Locate every line in the records below that holds the word "unused" and return each one.

------------------------------------------------

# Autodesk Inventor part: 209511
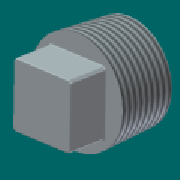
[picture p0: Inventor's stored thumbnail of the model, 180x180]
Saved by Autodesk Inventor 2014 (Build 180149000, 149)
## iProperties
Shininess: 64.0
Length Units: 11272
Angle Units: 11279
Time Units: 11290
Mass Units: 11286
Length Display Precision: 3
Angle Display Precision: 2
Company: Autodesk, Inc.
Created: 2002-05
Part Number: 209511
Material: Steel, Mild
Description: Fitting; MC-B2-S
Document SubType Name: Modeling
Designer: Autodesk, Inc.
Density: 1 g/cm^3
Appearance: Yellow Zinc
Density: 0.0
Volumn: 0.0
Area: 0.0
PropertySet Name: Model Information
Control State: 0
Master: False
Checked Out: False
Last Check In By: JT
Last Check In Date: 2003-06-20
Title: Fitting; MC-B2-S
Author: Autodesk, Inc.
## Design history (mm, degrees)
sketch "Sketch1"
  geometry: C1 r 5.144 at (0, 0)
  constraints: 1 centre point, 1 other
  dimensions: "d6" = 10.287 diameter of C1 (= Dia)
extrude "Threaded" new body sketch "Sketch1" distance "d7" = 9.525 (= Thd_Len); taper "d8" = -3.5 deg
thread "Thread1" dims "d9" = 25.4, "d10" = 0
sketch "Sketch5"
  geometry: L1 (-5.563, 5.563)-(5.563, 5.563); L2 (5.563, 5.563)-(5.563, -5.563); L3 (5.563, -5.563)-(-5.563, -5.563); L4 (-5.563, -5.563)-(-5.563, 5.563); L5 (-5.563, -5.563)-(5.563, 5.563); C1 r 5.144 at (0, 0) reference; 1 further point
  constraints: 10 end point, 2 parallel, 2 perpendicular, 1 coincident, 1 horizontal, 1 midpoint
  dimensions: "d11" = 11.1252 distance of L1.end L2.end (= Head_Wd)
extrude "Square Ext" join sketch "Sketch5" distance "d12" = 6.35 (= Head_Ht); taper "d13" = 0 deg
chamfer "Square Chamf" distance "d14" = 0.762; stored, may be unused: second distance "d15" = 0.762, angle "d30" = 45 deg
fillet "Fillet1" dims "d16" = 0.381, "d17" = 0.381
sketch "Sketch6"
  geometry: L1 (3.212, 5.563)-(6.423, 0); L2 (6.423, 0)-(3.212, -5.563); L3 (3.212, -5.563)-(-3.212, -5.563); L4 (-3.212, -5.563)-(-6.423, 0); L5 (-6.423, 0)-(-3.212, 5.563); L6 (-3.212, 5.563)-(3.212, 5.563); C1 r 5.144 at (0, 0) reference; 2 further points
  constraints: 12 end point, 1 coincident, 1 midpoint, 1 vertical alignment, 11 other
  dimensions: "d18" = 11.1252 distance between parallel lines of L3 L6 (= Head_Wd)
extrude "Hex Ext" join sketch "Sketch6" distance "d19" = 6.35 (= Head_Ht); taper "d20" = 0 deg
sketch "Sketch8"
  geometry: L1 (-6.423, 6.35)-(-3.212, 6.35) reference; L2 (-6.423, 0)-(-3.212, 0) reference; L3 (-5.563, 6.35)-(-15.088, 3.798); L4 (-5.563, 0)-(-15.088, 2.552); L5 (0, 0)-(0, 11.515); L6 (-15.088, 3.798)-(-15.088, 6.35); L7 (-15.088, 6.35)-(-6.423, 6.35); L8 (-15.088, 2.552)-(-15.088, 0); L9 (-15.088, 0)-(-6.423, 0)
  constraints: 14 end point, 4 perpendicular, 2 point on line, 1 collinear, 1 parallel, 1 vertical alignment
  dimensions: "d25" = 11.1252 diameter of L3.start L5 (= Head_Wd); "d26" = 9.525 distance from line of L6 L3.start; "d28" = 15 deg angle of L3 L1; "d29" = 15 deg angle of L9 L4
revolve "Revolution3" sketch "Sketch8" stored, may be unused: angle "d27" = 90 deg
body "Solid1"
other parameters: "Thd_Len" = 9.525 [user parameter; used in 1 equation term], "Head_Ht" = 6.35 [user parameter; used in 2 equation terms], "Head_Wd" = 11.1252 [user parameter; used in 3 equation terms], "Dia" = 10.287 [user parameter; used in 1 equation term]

------------------------------------------------

• **SOLUTION FOR THIS EXERCISE**
chamfer "Square Chamf" distance "d14" = 0.762; stored, may be unused: second distance "d15" = 0.762, angle "d30" = 45 deg
revolve "Revolution3" sketch "Sketch8" stored, may be unused: angle "d27" = 90 deg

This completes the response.